The case for memory-mapped GPU assets - ingve
https://www.facebook.com/permalink.php?story_fbid=1799575323610310&id=100006735798590
======
exDM69
I did something along the lines of his suggestion using OpenGL sparse textures
(D3D would call them tiled resources) and persistently/coherently mapped
buffers with disk i/o being done with memory mapped files. It's a rather crude
proof of concept for on-demand loading of large textures (I used a 16k x 8k
satellite image). I didn't properly detect "page faults", but I had some of
the mechanisms implemented (outputs yellow pixels instead of page faults).

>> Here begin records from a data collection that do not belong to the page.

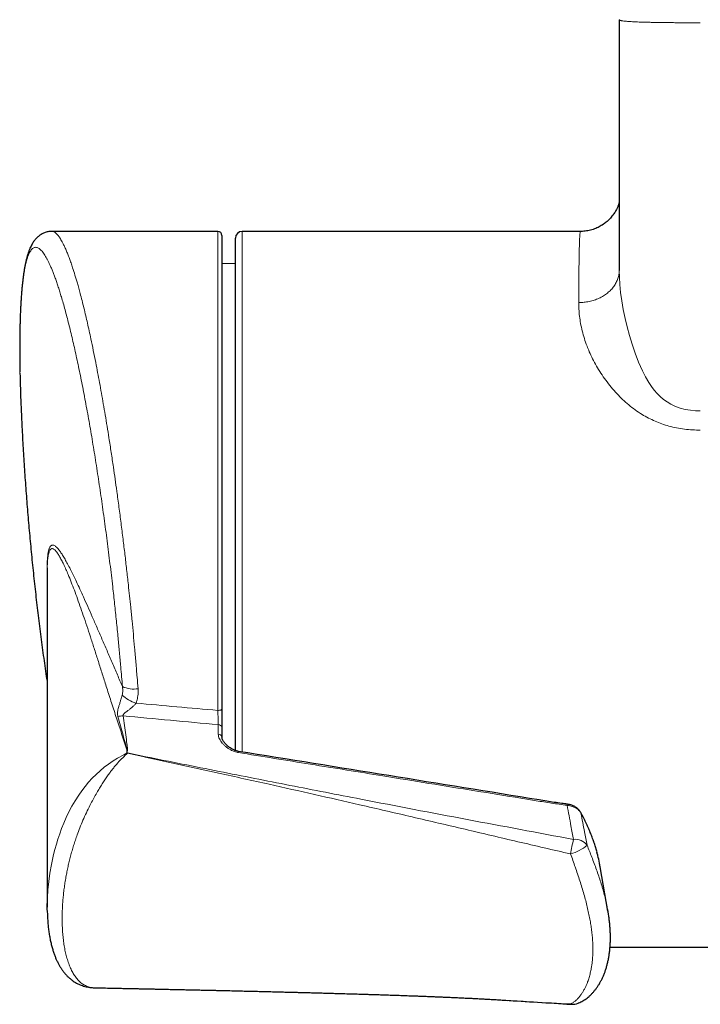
# Model space of a CAD drawing. Header units: millimetres. Extents: x 8 to 2236, y 12 to 2208.
# Tile 9 of 165: x 979 to 1030, y 547 to 620. Entities that reach past the tile are written whole.
import ezdxf

# ---------------------------------------------------------------- set-up
doc = ezdxf.new("R2010")
doc.units = ezdxf.units.MM

msp = doc.modelspace()

# ---------------------------------------------------------------- linework, layer by layer
at = {"color": 7, "linetype": 'Continuous', "lineweight": 30}
for p, q in [((993.833, 604.406), (981.545, 604.406)), ((994.133, 604.106), (994.133, 569.035)), ((995.133, 565.957), (995.133, 603.906)), ((1020.673, 604.406), (995.633, 604.406)), ((995.133, 602.011), (994.133, 602.02)), ((981.204, 579.258), (981.204, 554.371)), ((994.133, 567.668), (994.133, 566.961)), ((994.133, 566.961), (994.133, 566.973)), ((987.127, 565.784), (987.127, 565.93)), ((988.495, 565.482), (987.149, 565.761)), ((1021.938, 558.275), (1021.894, 558.443)), ((1022.709, 554.065), (1022.133, 557.356)), ((1022.704, 554.086), (1022.708, 554.065)), ((1022.862, 551.406), (1056.929, 551.406)), ((984.686, 548.398), (984.692, 548.397)), ((1015.082, 547.475), (1015.279, 547.463))]:
    msp.add_line(p, q, dxfattribs=at)
at = {"color": 252, "linetype": 'Continuous', "lineweight": 0}
for p, q in [((993.833, 568.933), (993.833, 604.406)), ((995.633, 604.406), (995.633, 565.855)), ((993.859, 567.172), (993.859, 567.88)), ((1021.939, 558.267), (1021.878, 558.507))]:
    msp.add_line(p, q, dxfattribs=at)
at = {"color": 252, "linetype": 'Continuous', "lineweight": 0, "flags": 128}
for points in [[(1023.545, 601.507), (1023.554, 601.017), (1023.587, 600.467), (1023.645, 599.892), (1023.731, 599.273), (1023.843, 598.63), (1023.98, 597.968), (1024.13, 597.34), (1024.301, 596.701), (1024.494, 596.055), (1024.716, 595.393), (1024.968, 594.732), (1025.257, 594.081), (1025.483, 593.639), (1025.736, 593.21), (1025.925, 592.927), (1026.132, 592.655), (1026.356, 592.397), (1026.579, 592.174), (1026.82, 591.967), (1027.085, 591.775), (1027.366, 591.607), (1027.714, 591.442), (1028.065, 591.317), (1028.428, 591.224), (1028.81, 591.16), (1029.197, 591.125), (1029.545, 591.116)], [(994.133, 569.035), (994.127, 569.015), (994.11, 568.996), (994.082, 568.978), (994.045, 568.963), (994, 568.95), (993.948, 568.941), (993.892, 568.935), (993.833, 568.933)], [(981.213, 554.698), (981.22, 555.056), (981.257, 555.65), (981.318, 556.258), (981.403, 556.885), (981.515, 557.525), (981.59, 557.893), (981.675, 558.265), (981.77, 558.641), (981.877, 559.021), (981.994, 559.406), (982.125, 559.795), (982.268, 560.187), (982.426, 560.582), (982.607, 560.996), (982.806, 561.414), (983.025, 561.831), (983.266, 562.247), (983.53, 562.66), (983.759, 562.986), (984.005, 563.306), (984.263, 563.615), (984.537, 563.914), (984.823, 564.2), (985.116, 564.467), (985.426, 564.724), (985.745, 564.965), (986.072, 565.189), (986.404, 565.396), (986.866, 565.653), (987.127, 565.784), (987.127, 565.784), (987.127, 565.784)], [(1020.695, 561.372), (1020.699, 561.363), (1020.708, 561.332)], [(1019.943, 547.198), (1019.965, 547.178), (1019.984, 547.172)]]:
    msp.add_lwpolyline(points, dxfattribs=at)
at = {"color": 7, "linetype": 'Continuous', "lineweight": 30}
for centre, radius, start, end in [((993.833, 604.106), 0.3, 0, 90), ((995.633, 603.906), 0.5, 90, 180), ((1020.056, 548.37), 1.2, 266.55568, 291.88246)]:
    msp.add_arc(centre, radius, start, end, dxfattribs=at)
at = {"color": 252, "linetype": 'Continuous', "lineweight": 0}
for centre, radius, start, end in [((987.596, 572.429), 1.915, 244.3874, 279.8032), ((988.577, 572.04), 2.688, 227.13083, 252.70444), ((986.831, 566.82), 1.712, 90.41469, 103.54302), ((993.878, 567.622), 0.259, 10.42114, 94.22584), ((993.877, 566.91), 0.263, 13.82993, 93.81199), ((1022.124, 561.605), 2.463, 170.9173, 172.94252), ((1036.154, 555.576), 16.44, 166.60668, 170.44102), ((1020.288, 558.3), 1.091, 36.4012, 96.63892), ((1018.968, 561.652), 3.485, 286.24515, 309.10864), ((1020.12, 548.216), 1.034, 260.11408, 291.72449)]:
    msp.add_arc(centre, radius, start, end, dxfattribs=at)
for centre, major_axis, ratio, start_param, end_param in [((1126.597, 577.906), (311.723, -18.806), 0.059895, 4.254464, 4.276046), ((1126.509, 577.202), (311.722, -19.521), 0.062137, 4.251619, 4.276728)]:
    msp.add_ellipse(centre, major_axis=major_axis, ratio=ratio, start_param=start_param, end_param=end_param, dxfattribs=at)
for points, knots in [([(1023.544, 601.542), (1023.544, 603.602), (1023.544, 607.723), (1023.544, 613.905), (1023.544, 618.027), (1023.544, 620.087)], [0, 0, 0, 0, 0.333333, 0.666662, 1, 1, 1, 1]), ([(1029.544, 619.859), (1029.544, 619.859), (1029.323, 619.859), (1028.883, 619.859), (1028.295, 619.861), (1027.78, 619.864), (1027.339, 619.868), (1026.935, 619.872), (1026.567, 619.877), (1026.235, 619.883), (1025.911, 619.889), (1025.597, 619.896), (1025.298, 619.905), (1025.016, 619.914), (1024.756, 619.924), (1024.522, 619.936), (1024.318, 619.948), (1024.143, 619.961), (1023.994, 619.974), (1023.864, 619.989), (1023.756, 620.005), (1023.671, 620.021), (1023.599, 620.041), (1023.551, 620.063), (1023.547, 620.078), (1023.544, 620.086)], [0, 0, 0, 0, 0.000006, 0.067162, 0.134304, 0.179838, 0.225396, 0.270902, 0.306887, 0.342866, 0.379575, 0.416276, 0.453555, 0.490829, 0.529558, 0.568291, 0.606772, 0.645262, 0.684834, 0.724414, 0.770468, 0.81658, 0.862665, 0.933435, 1, 1, 1, 1]), ([(981.546, 604.402), (981.562, 604.403), (981.608, 604.405), (981.688, 604.378), (981.784, 604.324), (981.896, 604.232), (982.025, 604.088), (982.154, 603.904), (982.265, 603.718), (982.367, 603.531), (982.479, 603.302), (982.603, 603.025), (982.725, 602.726), (982.846, 602.409), (982.965, 602.076), (983.101, 601.67), (983.257, 601.178), (983.407, 600.665), (983.536, 600.206), (983.652, 599.777), (983.778, 599.291), (983.915, 598.74), (984.049, 598.18), (984.18, 597.614), (984.307, 597.044), (984.452, 596.375), (984.614, 595.596), (984.781, 594.76), (984.935, 593.96), (985.076, 593.205), (985.216, 592.43), (985.355, 591.634), (985.495, 590.815), (985.633, 589.975), (985.781, 589.053), (985.936, 588.047), (986.089, 587.025), (986.228, 586.059), (986.367, 585.071), (986.514, 583.985), (986.668, 582.801), (986.814, 581.634), (986.952, 580.488), (987.082, 579.366), (987.196, 578.339), (987.296, 577.41), (987.388, 576.523), (987.483, 575.578), (987.578, 574.578), (987.673, 573.546), (987.766, 572.483), (987.85, 571.469), (987.9, 570.825), (987.922, 570.541)], [0, 0, 0, 0, 0.009374, 0.0264412, 0.0435127, 0.0605799, 0.0846846, 0.1087892, 0.1233141, 0.1378391, 0.1564903, 0.1751471, 0.1937984, 0.2109522, 0.2281103, 0.2452642, 0.269489, 0.2937139, 0.3082007, 0.3226875, 0.3412877, 0.3598932, 0.3784934, 0.3955972, 0.4127052, 0.4298091, 0.4539599, 0.4781108, 0.4972359, 0.5163727, 0.5355096, 0.5546347, 0.5740653, 0.593502, 0.6129326, 0.636852, 0.6607713, 0.6800189, 0.6992665, 0.7239059, 0.7485579, 0.7731972, 0.7960789, 0.8189708, 0.8418524, 0.8587016, 0.8755508, 0.8959469, 0.9163503, 0.9367463, 0.9594135, 0.9820807, 1, 1, 1, 1]), ([(1020.544, 599.138), (1020.545, 599.354), (1020.547, 599.785), (1020.551, 600.385), (1020.555, 600.95), (1020.56, 601.48), (1020.566, 601.972), (1020.573, 602.425), (1020.58, 602.834), (1020.589, 603.194), (1020.598, 603.504), (1020.607, 603.768), (1020.618, 603.988), (1020.629, 604.164), (1020.642, 604.295), (1020.655, 604.375), (1020.665, 604.411), (1020.672, 604.403), (1020.673, 604.402)], [0, 0, 0, 0, 0.064566, 0.129133, 0.194148, 0.259163, 0.325593, 0.392022, 0.458941, 0.525859, 0.590426, 0.654993, 0.720009, 0.785024, 0.851454, 0.917884, 0.984803, 1, 1, 1, 1]), ([(986.768, 570.702), (986.748, 570.945), (986.709, 571.431), (986.637, 572.272), (986.552, 573.226), (986.465, 574.145), (986.388, 574.921), (986.324, 575.55), (986.259, 576.181), (986.191, 576.816), (986.121, 577.455), (986.041, 578.165), (985.95, 578.946), (985.849, 579.794), (985.744, 580.642), (985.637, 581.487), (985.526, 582.33), (985.413, 583.169), (985.297, 584.003), (985.178, 584.831), (985.058, 585.652), (984.935, 586.463), (984.81, 587.262), (984.684, 588.05), (984.557, 588.828), (984.427, 589.594), (984.296, 590.348), (984.163, 591.089), (984.029, 591.815), (983.894, 592.527), (983.758, 593.223), (983.621, 593.9), (983.484, 594.558), (983.347, 595.196), (983.21, 595.815), (983.072, 596.415), (982.935, 596.994), (982.797, 597.552), (982.659, 598.088), (982.522, 598.601), (982.386, 599.091), (982.257, 599.533), (982.136, 599.929), (982.023, 600.285), (981.911, 600.621), (981.8, 600.937), (981.692, 601.23), (981.585, 601.503), (981.48, 601.756), (981.377, 601.988), (981.276, 602.2), (981.178, 602.39), (981.081, 602.562), (980.979, 602.725), (980.872, 602.874), (980.761, 603.004), (980.653, 603.105), (980.548, 603.177), (980.446, 603.22), (980.346, 603.233), (980.25, 603.216), (980.157, 603.169), (980.067, 603.092), (979.982, 602.986), (979.901, 602.851), (979.824, 602.689), (979.751, 602.499), (979.682, 602.28), (979.617, 602.032), (979.556, 601.756), (979.499, 601.451), (979.446, 601.118), (979.398, 600.757), (979.354, 600.373), (979.315, 599.966), (979.281, 599.537), (979.251, 599.084), (979.225, 598.605), (979.204, 598.103), (979.187, 597.576), (979.175, 597.026), (979.168, 596.452), (979.165, 595.857), (979.166, 595.244), (979.173, 594.617), (979.183, 593.977), (979.193, 593.537), (979.199, 593.317)], [0, 0, 0, 0, 0.010714, 0.021438, 0.036724, 0.052039, 0.060994, 0.069949, 0.078927, 0.087905, 0.097006, 0.106113, 0.118171, 0.130242, 0.142348, 0.154453, 0.166612, 0.178772, 0.190964, 0.203156, 0.215403, 0.22765, 0.239816, 0.251996, 0.264209, 0.276423, 0.288691, 0.300959, 0.31326, 0.325561, 0.337917, 0.350274, 0.362555, 0.374849, 0.387179, 0.399508, 0.411893, 0.424278, 0.436697, 0.449117, 0.461593, 0.47407, 0.484626, 0.495182, 0.505773, 0.516365, 0.526695, 0.537025, 0.547389, 0.557752, 0.567849, 0.577947, 0.588075, 0.598204, 0.610449, 0.622708, 0.635003, 0.647297, 0.659649, 0.672001, 0.684388, 0.696776, 0.709223, 0.721669, 0.733778, 0.7459, 0.758058, 0.770215, 0.782429, 0.794643, 0.806893, 0.819143, 0.831451, 0.843759, 0.855724, 0.867702, 0.879715, 0.891729, 0.903797, 0.915866, 0.927969, 0.940072, 0.952232, 0.964392, 0.97627, 0.988162, 1, 1, 1, 1]), ([(1020.544, 599.138), (1020.675, 599.142), (1020.937, 599.15), (1021.324, 599.213), (1021.697, 599.314), (1022.05, 599.453), (1022.377, 599.628), (1022.673, 599.836), (1022.933, 600.073), (1023.151, 600.335), (1023.325, 600.618), (1023.451, 600.917), (1023.53, 601.227), (1023.539, 601.437), (1023.544, 601.542)], [0, 0, 0, 0, 0.0833333, 0.1666667, 0.25, 0.3333334, 0.4166667, 0.5, 0.5833334, 0.6666667, 0.7500001, 0.8333334, 0.9166667, 1, 1, 1, 1]), ([(1029.545, 589.692), (1029.349, 589.695), (1028.957, 589.702), (1028.371, 589.757), (1027.791, 589.847), (1027.233, 589.977), (1026.698, 590.146), (1026.189, 590.347), (1025.7, 590.582), (1025.208, 590.862), (1024.719, 591.188), (1024.239, 591.562), (1023.791, 591.959), (1023.355, 592.397), (1022.935, 592.873), (1022.536, 593.385), (1022.175, 593.908), (1021.853, 594.438), (1021.569, 594.97), (1021.34, 595.46), (1021.134, 595.963), (1020.955, 596.479), (1020.798, 597.041), (1020.679, 597.591), (1020.599, 598.126), (1020.551, 598.645), (1020.546, 598.974), (1020.544, 599.138)], [0, 0, 0, 0, 0.034383, 0.068859, 0.103306, 0.137651, 0.17017, 0.202791, 0.235421, 0.267952, 0.305705, 0.343566, 0.381455, 0.419245, 0.462527, 0.505968, 0.549518, 0.593095, 0.636602, 0.679927, 0.713638, 0.761223, 0.808943, 0.856754, 0.904592, 0.952374, 1, 1, 1, 1]), ([(981.204, 578.718), (981.202, 578.789), (981.197, 578.952), (981.192, 579.229), (981.191, 579.545), (981.199, 579.864), (981.215, 580.149), (981.236, 580.369), (981.259, 580.538), (981.281, 580.664), (981.306, 580.774), (981.333, 580.868), (981.362, 580.949), (981.395, 581.018), (981.431, 581.075), (981.483, 581.135), (981.552, 581.176), (981.639, 581.181), (981.73, 581.149), (981.831, 581.082), (981.943, 580.976), (982.075, 580.82), (982.219, 580.619), (982.385, 580.359), (982.565, 580.05), (982.762, 579.685), (982.961, 579.296), (983.163, 578.887), (983.379, 578.435), (983.619, 577.92), (983.9, 577.305), (984.205, 576.624), (984.539, 575.865), (984.889, 575.065), (985.253, 574.227), (985.625, 573.364), (986.006, 572.479), (986.386, 571.593), (986.644, 570.992), (986.768, 570.702)], [0, 0, 0, 0, 0.008504, 0.019535, 0.035491, 0.051589, 0.067838, 0.084222, 0.095125, 0.10606, 0.116595, 0.12713, 0.137752, 0.148374, 0.159908, 0.171444, 0.194647, 0.216494, 0.23841, 0.259469, 0.285119, 0.310826, 0.340782, 0.370795, 0.404888, 0.439034, 0.474584, 0.506532, 0.538503, 0.578569, 0.618668, 0.665621, 0.712614, 0.761406, 0.810233, 0.858606, 0.907007, 0.955071, 1, 1, 1, 1]), ([(987.107, 566.023), (986.974, 566.416), (986.709, 567.203), (986.331, 568.356), (985.965, 569.488), (985.627, 570.546), (985.313, 571.532), (985.022, 572.444), (984.739, 573.331), (984.465, 574.182), (984.197, 575.001), (983.939, 575.774), (983.687, 576.51), (983.445, 577.197), (983.208, 577.842), (982.979, 578.441), (982.772, 578.954), (982.587, 579.387), (982.422, 579.75), (982.26, 580.077), (982.13, 580.315), (982.028, 580.482), (981.953, 580.594), (981.88, 580.692), (981.8, 580.784), (981.716, 580.861), (981.629, 580.911), (981.546, 580.923), (981.482, 580.896), (981.433, 580.85), (981.395, 580.795), (981.354, 580.712), (981.314, 580.588), (981.279, 580.429), (981.253, 580.255), (981.234, 580.08), (981.222, 579.915), (981.213, 579.73), (981.208, 579.585), (981.207, 579.497), (981.207, 579.481)], [0, 0, 0, 0, 0.049211, 0.098447, 0.147706, 0.196987, 0.239415, 0.281857, 0.323604, 0.365368, 0.405818, 0.44629, 0.485139, 0.524016, 0.561529, 0.599079, 0.636125, 0.664763, 0.693436, 0.722156, 0.750931, 0.765358, 0.779785, 0.794261, 0.808736, 0.827996, 0.847285, 0.866637, 0.886034, 0.895789, 0.905543, 0.919283, 0.933022, 0.947056, 0.961086, 0.970238, 0.979389, 0.988681, 0.997972, 1, 1, 1, 1]), ([(986.748, 570.07), (986.758, 570.115), (986.787, 570.24), (986.798, 570.453), (986.778, 570.618), (986.768, 570.702)], [0, 0, 0, 0, 0.218995, 0.604223, 1, 1, 1, 1]), ([(987.922, 570.541), (987.926, 570.472), (987.933, 570.334), (987.925, 570.126), (987.899, 569.917), (987.854, 569.698), (987.805, 569.552), (987.778, 569.473)], [0, 0, 0, 0, 0.1896166, 0.3802856, 0.5744782, 0.7699964, 1, 1, 1, 1]), ([(986.43, 568.485), (986.421, 568.524), (986.405, 568.596), (986.402, 568.709), (986.411, 568.836), (986.438, 568.984), (986.484, 569.17), (986.546, 569.382), (986.616, 569.611), (986.674, 569.805), (986.717, 569.955), (986.738, 570.031), (986.748, 570.07)], [0, 0, 0, 0, 0.088883, 0.1665093, 0.2448147, 0.3561036, 0.4684331, 0.6094064, 0.7526313, 0.8741551, 0.9366965, 1, 1, 1, 1]), ([(987.778, 569.473), (987.733, 569.42), (987.643, 569.312), (987.479, 569.163), (987.303, 569.019), (987.14, 568.898), (987.002, 568.793), (986.906, 568.715), (986.843, 568.647), (986.814, 568.594), (986.811, 568.556), (986.817, 568.537), (986.819, 568.532)], [0, 0, 0, 0, 0.146289, 0.297669, 0.457208, 0.618996, 0.725526, 0.833266, 0.894046, 0.945844, 0.985479, 1, 1, 1, 1]), ([(993.859, 567.88), (993.859, 567.908), (993.858, 567.977), (993.855, 568.106), (993.851, 568.261), (993.847, 568.428), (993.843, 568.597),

To make it work fully end-to-end, it would look something like this:

    
    
        1. Shader samples from a sparse texture, and detects that the requested page is non-resident.
        1b. Fall back to lower mip map level.
        2. Shader uses atomic-or to write to a "page fault" bitmap (one bit per page)
        3. The bitmap is transferred to the CPU
        4. For each set bit, start async copy from disk to DMA buffer (ie. pixel buffer object in GL)
        5. When disk i/o is complete, start texture upload from buffer to a "page pool" texture
        6. When texture upload is complete, re-map the texture page from "page pool" to the actual texture
    

Now this approach works alright, but there are a number of issues that make it
impractical for the time being. Off the top of my head:

    
    
        1. Sparse textures are only supported on Nvidia and AMD hardware. Not Intel, ARM or IMG.
        2. Requires Vulkan or D3D12 for step #6 (the demo doesn't do this, so there may be pipeline stalls)
        3. One or two frames of latency that can only be avoided if this was done in the kernel mode driver.
        4. Poor fit for existing KMD architecture (which has its own concept of residency)
        5. Detecting page faults is easy. Detecting which pages can be dropped is hard.
    

Here's the source code of my demo. It's not pretty because it was a one off
demo project for very specific hardware (Android + OpenGL 4.5, which means
Nvidia Shield hardware with Maxwell GPUs). The technique is portable, though.

[https://github.com/rikusalminen/sparsedemo/blob/master/jni/g...](https://github.com/rikusalminen/sparsedemo/blob/master/jni/gfx.c)

(In the code above, all the interesting bits are the functions named xfer_*)

Based on the experience from writing this demo, I have to agree with Carmack
here. File-backed textures would make a lot of sense for a lot of use cases.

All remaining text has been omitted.